*** RECORDS TO USE ***
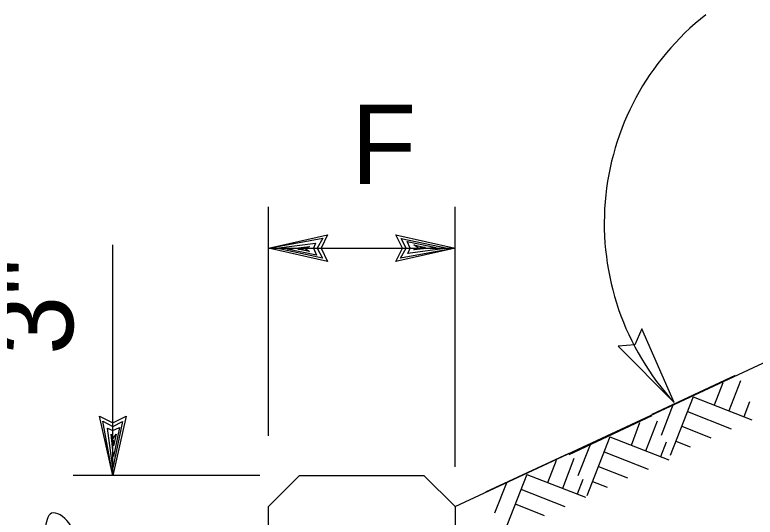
# Model space of a CAD drawing. Extents: x -0.08 to 2.83, y -0.03 to 1.92.
# Drawn here: x 1.7489 to 1.8705, y 0.7273 to 0.8098 of the extents above; entities that cross this region are included whole.
import ezdxf

# ---------------------------------------------------------------- set-up
doc = ezdxf.new("R2010")
doc.units = 0
for name, color, linetype in [('5', 7, 'Continuous'), ('50', 7, 'Continuous'), ('54', 7, 'Continuous'), ('55', 7, 'Continuous'), ('57', 7, 'Continuous')]:
    doc.layers.add(name, color=color, linetype=linetype)

msp = doc.modelspace()

# ---------------------------------------------------------------- linework, layer by layer
at = {"layer": '5'}
for p, q in [((1.8212335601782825, 0.7290622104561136), (1.884991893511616, 0.7587872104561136)), ((1.8536252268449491, 0.7442043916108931), (1.8672918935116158, 0.7506043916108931)), ((1.8651918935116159, 0.7493710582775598), (1.8637918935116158, 0.7457043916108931)), ((1.8680918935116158, 0.7496710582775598), (1.8661918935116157, 0.7447377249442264)), ((1.860325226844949, 0.7470710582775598), (1.8565585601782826, 0.7374043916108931)), ((1.860325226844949, 0.7470710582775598), (1.8699918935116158, 0.7433043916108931)), ((1.8570585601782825, 0.7458377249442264), (1.8550585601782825, 0.7407043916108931)), ((1.8695585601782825, 0.7462377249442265), (1.8686252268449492, 0.7438043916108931)), ((1.8593918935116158, 0.7446710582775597), (1.866591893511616, 0.7418043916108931)), ((1.8399585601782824, 0.7376049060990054), (1.8536252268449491, 0.7439715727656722)), ((1.8544252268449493, 0.7430715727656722), (1.8525252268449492, 0.7381382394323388)), ((1.8515252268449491, 0.7427715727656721), (1.850125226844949, 0.7390715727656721)), ((1.8584585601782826, 0.7422377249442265), (1.8632585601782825, 0.7403377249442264)), ((1.8466585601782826, 0.7404715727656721), (1.8428918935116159, 0.7308049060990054)), ((1.8466585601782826, 0.7404715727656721), (1.856325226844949, 0.7367049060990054)), ((1.8433918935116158, 0.7392049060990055), (1.8413918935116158, 0.7341049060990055)), ((1.8558918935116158, 0.7396049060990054), (1.8549585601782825, 0.7372049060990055)), ((1.8574918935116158, 0.7397710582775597), (1.8598585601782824, 0.7388377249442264)), ((1.845725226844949, 0.7380382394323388), (1.8529252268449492, 0.7352049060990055)), ((1.826291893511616, 0.7314710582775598), (1.8399585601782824, 0.7378377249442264)), ((1.8407585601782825, 0.7369377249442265), (1.8388585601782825, 0.7320043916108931)), ((1.8378585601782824, 0.7366377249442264), (1.8364252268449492, 0.7329377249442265)), ((1.8447918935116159, 0.7356382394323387), (1.8495585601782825, 0.7337382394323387)), ((1.8329918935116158, 0.7343377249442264), (1.8292252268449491, 0.7246710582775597)), ((1.8329918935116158, 0.7343377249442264), (1.8426585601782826, 0.7305710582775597)), ((1.842225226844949, 0.7334710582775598), (1.8412585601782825, 0.7310710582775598)), ((1.843825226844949, 0.7331715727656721), (1.8461918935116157, 0.7322382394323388)), ((1.829725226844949, 0.7330710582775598), (1.827725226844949, 0.7279710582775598)), ((1.8320585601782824, 0.7319043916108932), (1.8392585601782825, 0.7290710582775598)), ((1.8310918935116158, 0.7295043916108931), (1.8358918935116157, 0.7276043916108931))]:
    msp.add_line(p, q, dxfattribs=at)
at = {"layer": '50'}
for p, q in [((1.790580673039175, 0.7290622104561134), (1.7956889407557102, 0.7341573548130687)), ((1.7956889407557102, 0.7341573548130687), (1.8161285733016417, 0.7341573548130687)), ((1.8161285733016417, 0.7341573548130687), (1.8212335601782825, 0.7290622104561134)), ((1.790580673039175, 0.37751693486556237), (1.790580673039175, 0.7290622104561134)), ((1.8212335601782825, 0.7290622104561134), (1.8212335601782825, 0.37751693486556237))]:
    msp.add_line(p, q, dxfattribs=at)
at = {"layer": '54'}
msp.add_lwpolyline([(1.857214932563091, 0.74611824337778), (1.851881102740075, 0.7582002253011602), (1.8507636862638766, 0.7556181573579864), (1.848015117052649, 0.7553935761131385)], close=True, dxfattribs=at)
at = {"layer": '55'}
for p, q in [((1.790580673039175, 0.7406677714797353), (1.790580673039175, 0.7782533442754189)), ((1.8212335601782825, 0.73557262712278), (1.8212335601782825, 0.7782533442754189)), ((1.790580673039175, 0.7714637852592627), (1.8002919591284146, 0.7736553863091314)), ((1.8002919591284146, 0.7736553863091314), (1.79923552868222, 0.7714637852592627)), ((1.8125787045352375, 0.7714637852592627), (1.811522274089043, 0.7736357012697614)), ((1.811522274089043, 0.7736357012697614), (1.8212335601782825, 0.7714637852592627)), ((1.790580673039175, 0.7714637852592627), (1.799517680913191, 0.7730910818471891)), ((1.79184707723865, 0.7714637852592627), (1.7983234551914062, 0.7723135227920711)), ((1.7983234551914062, 0.7723135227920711), (1.7979724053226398, 0.7714637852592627)), ((1.799517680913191, 0.7730910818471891), (1.7986023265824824, 0.7714637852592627)), ((1.813211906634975, 0.7714637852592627), (1.812368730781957, 0.7730779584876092)), ((1.812368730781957, 0.7730779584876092), (1.8199671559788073, 0.7714637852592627)), ((1.8138418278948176, 0.7714637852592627), (1.813349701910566, 0.7725825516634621)), ((1.813349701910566, 0.7725825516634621), (1.81813644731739, 0.7715982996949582)), ((1.7650327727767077, 0.7341573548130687), (1.7650327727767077, 0.7719936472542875)), ((1.8002919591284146, 0.7692918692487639), (1.790580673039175, 0.7714637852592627)), ((1.790580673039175, 0.7714637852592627), (1.8212335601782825, 0.7714637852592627)), ((1.7994455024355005, 0.7698496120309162), (1.79184707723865, 0.7714637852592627)), ((1.7936777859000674, 0.771329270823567), (1.7973359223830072, 0.7717557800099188)), ((1.7984645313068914, 0.770345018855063), (1.7936777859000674, 0.771329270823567)), ((1.7973359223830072, 0.7709126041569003), (1.7954363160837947, 0.771329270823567)), ((1.7954363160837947, 0.771329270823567), (1.7963549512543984, 0.771329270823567)), ((1.7973359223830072, 0.7717557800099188), (1.7966338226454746, 0.7714014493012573)), ((1.7966338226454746, 0.7714014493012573), (1.7973359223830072, 0.7709126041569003)), ((1.7979724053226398, 0.7714637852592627), (1.7984645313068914, 0.770345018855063)), ((1.7986023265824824, 0.7714637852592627), (1.7994455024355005, 0.7698496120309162)), ((1.79923552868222, 0.7714637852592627), (1.8002919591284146, 0.7692918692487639)), ((1.8212335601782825, 0.7714637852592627), (1.811522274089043, 0.7692721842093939)), ((1.811522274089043, 0.7692721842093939), (1.8125787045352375, 0.7714637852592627)), ((1.8212335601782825, 0.7714637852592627), (1.8122965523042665, 0.7698364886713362)), ((1.8122965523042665, 0.7698364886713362), (1.813211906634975, 0.7714637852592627)), ((1.8199671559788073, 0.7714637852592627), (1.8134907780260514, 0.7706140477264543)), ((1.8134907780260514, 0.7706140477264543), (1.8138418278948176, 0.7714637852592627)), ((1.8151804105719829, 0.7715261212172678), (1.8144783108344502, 0.7720149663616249)), ((1.8144783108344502, 0.7720149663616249), (1.8163779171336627, 0.7715982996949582)), ((1.81813644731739, 0.7715982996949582), (1.8144783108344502, 0.7711717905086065)), ((1.8144783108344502, 0.7711717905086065), (1.8151804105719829, 0.7715261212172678)), ((1.8163779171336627, 0.7715982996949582), (1.815459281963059, 0.7715982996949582)), ((1.7650327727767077, 0.7341573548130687), (1.7628411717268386, 0.7438686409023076)), ((1.7628411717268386, 0.7438686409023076), (1.7650327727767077, 0.7428122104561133)), ((1.7650327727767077, 0.7341573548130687), (1.763405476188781, 0.7430943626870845)), ((1.763405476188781, 0.7430943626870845), (1.7650327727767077, 0.7421790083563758)), ((1.7650327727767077, 0.7428122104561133), (1.7672046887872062, 0.7438686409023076)), ((1.7672046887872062, 0.7438686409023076), (1.7650327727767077, 0.7341573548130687)), ((1.7650327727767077, 0.7421790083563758), (1.7666469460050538, 0.7430221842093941)), ((1.7666469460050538, 0.7430221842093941), (1.7650327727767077, 0.7354237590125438)), ((1.7650327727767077, 0.7354237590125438), (1.7641830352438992, 0.7419001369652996)), ((1.7641830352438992, 0.7419001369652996), (1.7650327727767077, 0.7415490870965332)), ((1.7650327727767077, 0.7415490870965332), (1.766151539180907, 0.7420412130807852)), ((1.766151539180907, 0.7420412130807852), (1.7651672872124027, 0.7372544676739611)), ((1.7651672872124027, 0.7372544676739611), (1.7647407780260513, 0.7409126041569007)), ((1.7647407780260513, 0.7409126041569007), (1.7650951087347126, 0.740210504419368)), ((1.7650951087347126, 0.740210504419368), (1.7655839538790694, 0.7409126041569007)), ((1.7655839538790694, 0.7409126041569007), (1.7651672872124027, 0.7390129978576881)), ((1.7651672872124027, 0.7390129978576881), (1.7651672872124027, 0.7399316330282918)), ((1.7891785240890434, 0.7341573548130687), (1.758522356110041, 0.7341573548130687))]:
    msp.add_line(p, q, dxfattribs=at)
msp.add_arc((1.889198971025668, 0.775554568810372), 0.04346810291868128, 128.0620969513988, 222.62473614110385, dxfattribs=at)
msp.add_spline([(1.7284865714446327, 0.7214544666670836), (1.7316001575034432, 0.7214544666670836), (1.7373083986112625, 0.7201571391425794), (1.7476870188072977, 0.7180814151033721), (1.755989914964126, 0.7191192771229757), (1.7585845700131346, 0.7222328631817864), (1.7578061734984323, 0.7263843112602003), (1.7549520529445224, 0.7279411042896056), (1.7539141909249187, 0.7253464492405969), (1.7539141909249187, 0.7224923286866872), (1.7570277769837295, 0.716524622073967)], degree=3, dxfattribs=at)

# ---------------------------------------------------------------- texts
at = {"layer": '57'}
msp.add_text('F', height=0.013020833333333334, dxfattribs=at).set_placement((1.8042107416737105, 0.7820201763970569))
msp.add_text('3"', height=0.013020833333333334, rotation=90, dxfattribs=at).set_placement((1.758522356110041, 0.7539500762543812))

doc.saveas('drawing.dxf')
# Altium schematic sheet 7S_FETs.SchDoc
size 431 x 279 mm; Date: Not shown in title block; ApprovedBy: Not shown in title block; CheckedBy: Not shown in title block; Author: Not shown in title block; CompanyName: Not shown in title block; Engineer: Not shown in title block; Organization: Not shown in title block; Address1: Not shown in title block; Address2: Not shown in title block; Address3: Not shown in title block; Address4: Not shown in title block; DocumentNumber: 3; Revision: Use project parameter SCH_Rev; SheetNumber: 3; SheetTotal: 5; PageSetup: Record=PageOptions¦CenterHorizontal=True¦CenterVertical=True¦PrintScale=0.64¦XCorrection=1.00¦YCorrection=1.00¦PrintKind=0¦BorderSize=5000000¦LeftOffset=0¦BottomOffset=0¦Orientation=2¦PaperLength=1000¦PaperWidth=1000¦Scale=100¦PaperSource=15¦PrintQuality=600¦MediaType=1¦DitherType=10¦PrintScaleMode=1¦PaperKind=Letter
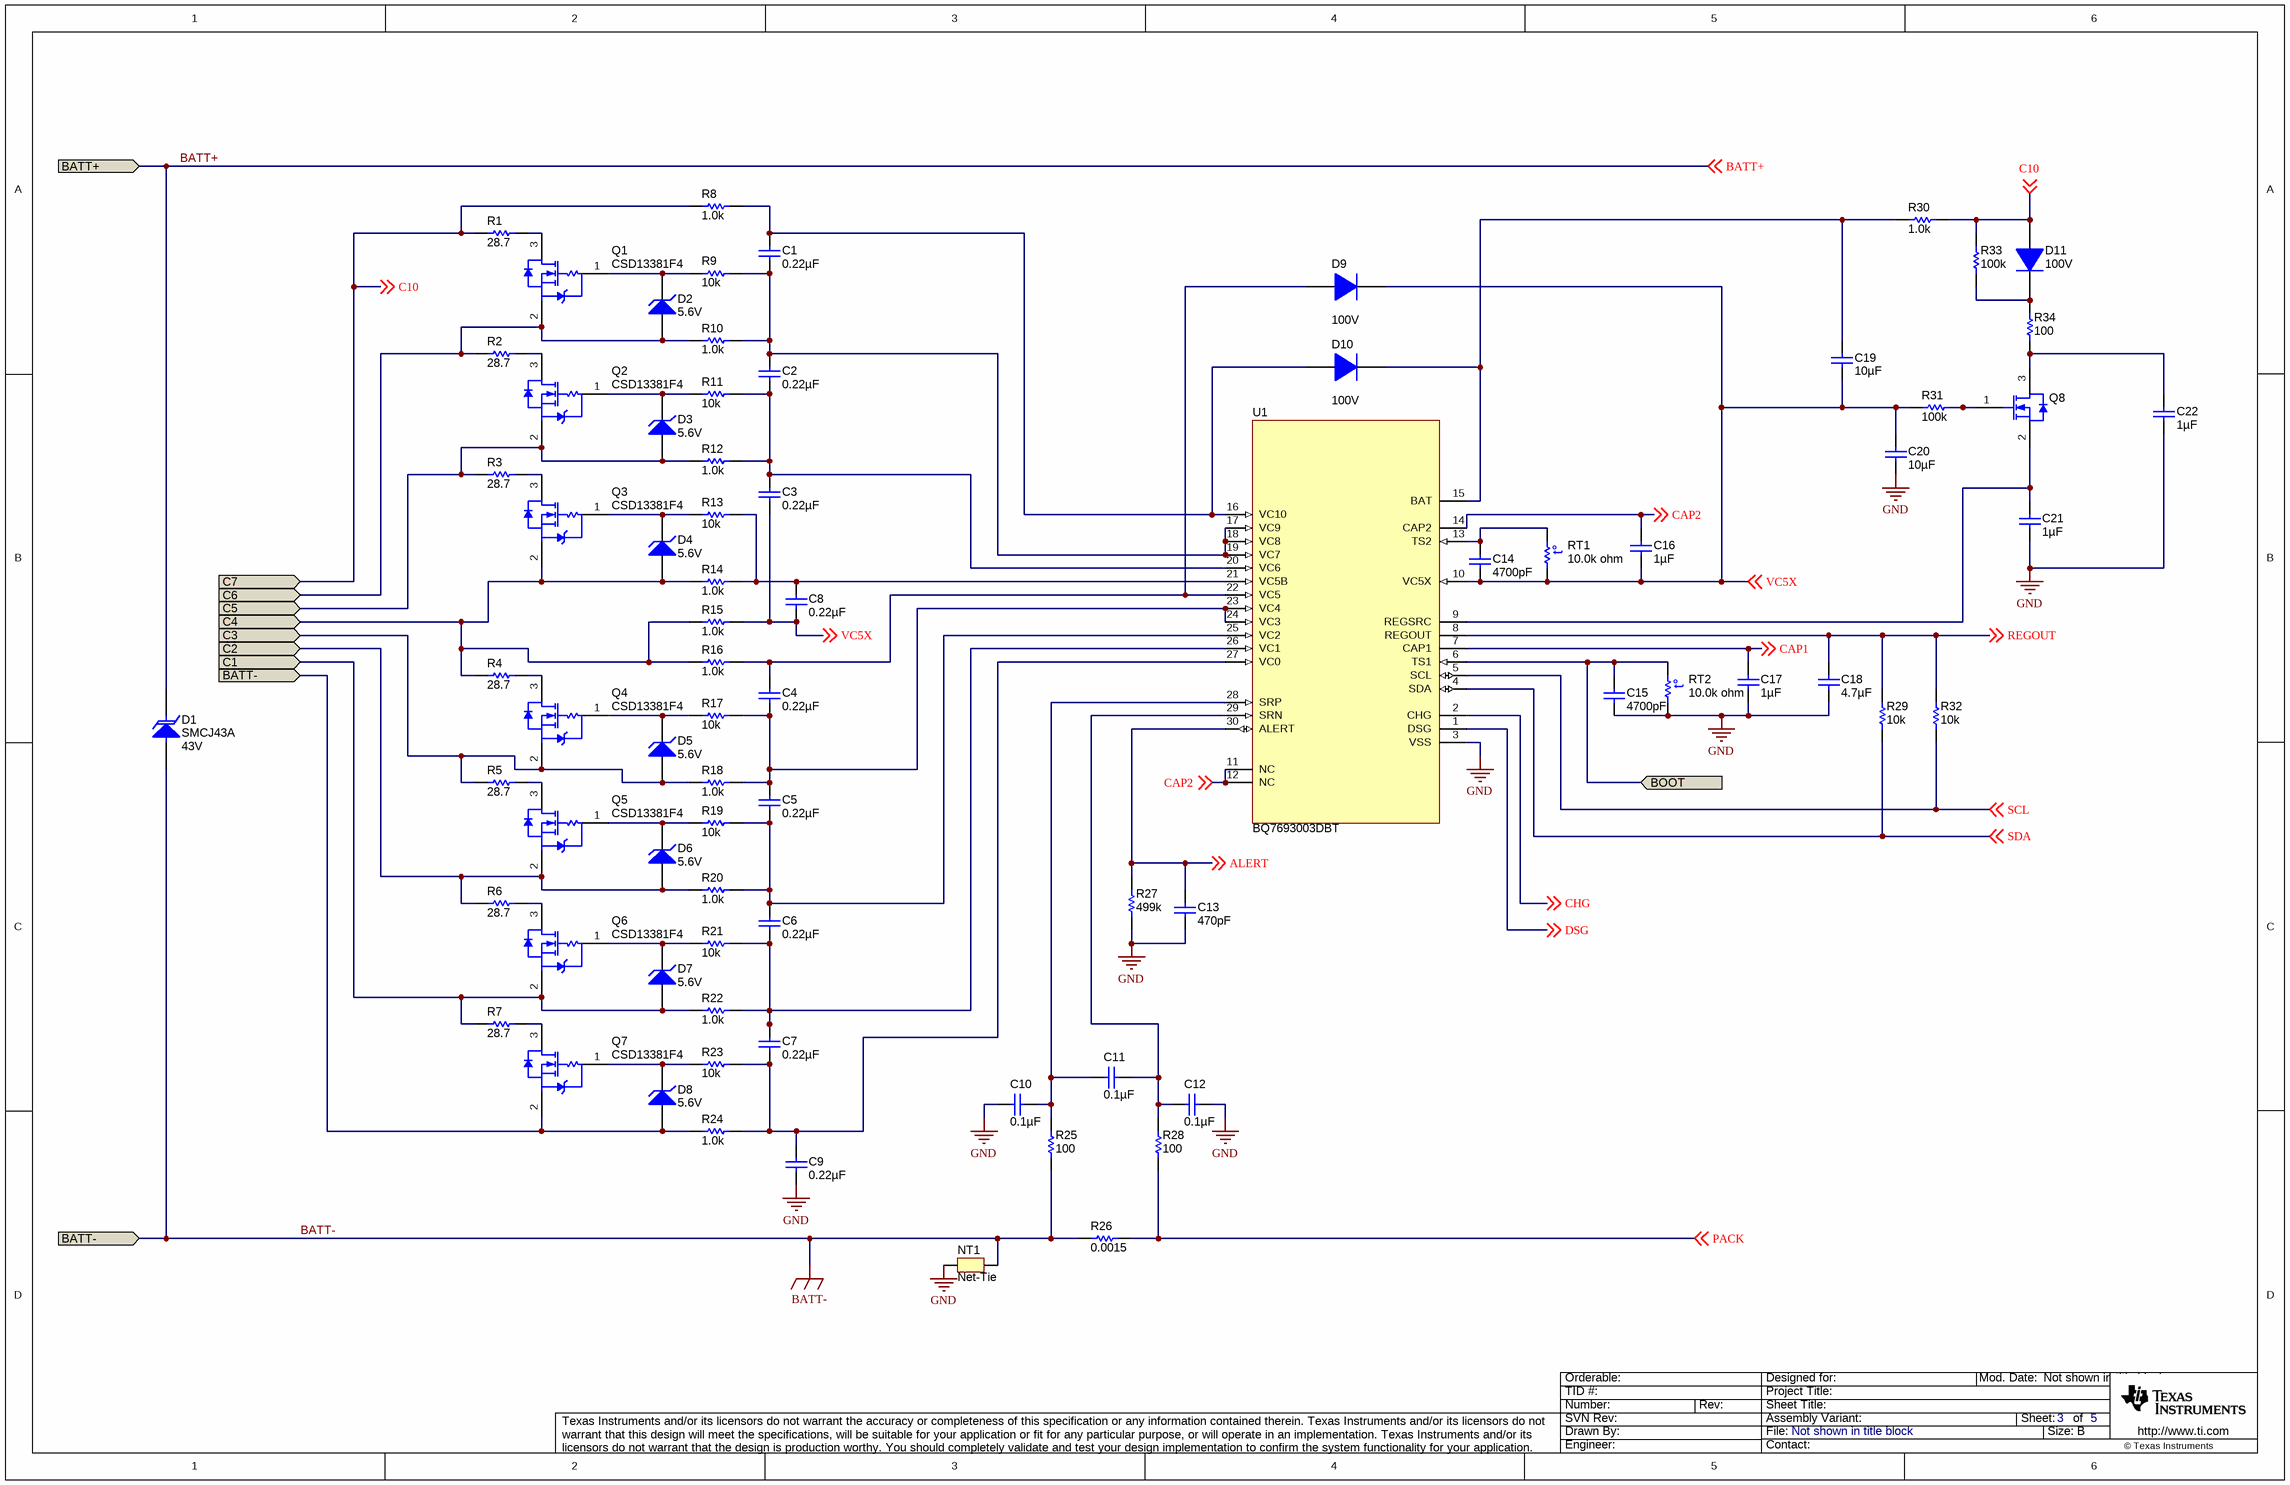
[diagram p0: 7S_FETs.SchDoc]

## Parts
C1  ValueDisplayed: 0.22µF  [0603_095]  (hidden comment: 885012206048)
C2  ValueDisplayed: 0.22µF  [0603_095]  (hidden comment: 885012206048)
C3  ValueDisplayed: 0.22µF  [0603_095]  (hidden comment: 885012206048)
C4  ValueDisplayed: 0.22µF  [0603_095]  (hidden comment: 885012206048)
C5  ValueDisplayed: 0.22µF  [0603_095]  (hidden comment: 885012206048)
C6  ValueDisplayed: 0.22µF  [0603_095]  (hidden comment: 885012206048)
C7  ValueDisplayed: 0.22µF  [0603_095]  (hidden comment: 885012206048)
C8  ValueDisplayed: 0.22µF  [0603_095]  (hidden comment: 885012206048)
C9  ValueDisplayed: 0.22µF  [0603_095]  (hidden comment: 885012206048)
C10  ValueDisplayed: 0.1µF  [0603_095]  (hidden comment: 885012206095)
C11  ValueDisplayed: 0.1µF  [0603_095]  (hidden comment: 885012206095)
*** End of RECORDS TO USE ***
» EXERCISE: Please repeat, exactly as written, the lines in the records above, starting with the one that has "# Altium schematic sheet 7S_FETs.SchDoc" and going on through the one that has "[diagram p0: 7S_FETs.SchDoc]". Pictures are to be left out.

» ANSWER TO THE EXERCISE:
# Altium schematic sheet 7S_FETs.SchDoc
size 431 x 279 mm; Date: Not shown in title block; ApprovedBy: Not shown in title block; CheckedBy: Not shown in title block; Author: Not shown in title block; CompanyName: Not shown in title block; Engineer: Not shown in title block; Organization: Not shown in title block; Address1: Not shown in title block; Address2: Not shown in title block; Address3: Not shown in title block; Address4: Not shown in title block; DocumentNumber: 3; Revision: Use project parameter SCH_Rev; SheetNumber: 3; SheetTotal: 5; PageSetup: Record=PageOptions¦CenterHorizontal=True¦CenterVertical=True¦PrintScale=0.64¦XCorrection=1.00¦YCorrection=1.00¦PrintKind=0¦BorderSize=5000000¦LeftOffset=0¦BottomOffset=0¦Orientation=2¦PaperLength=1000¦PaperWidth=1000¦Scale=100¦PaperSource=15¦PrintQuality=600¦MediaType=1¦DitherType=10¦PrintScaleMode=1¦PaperKind=Letter
[diagram p0: 7S_FETs.SchDoc]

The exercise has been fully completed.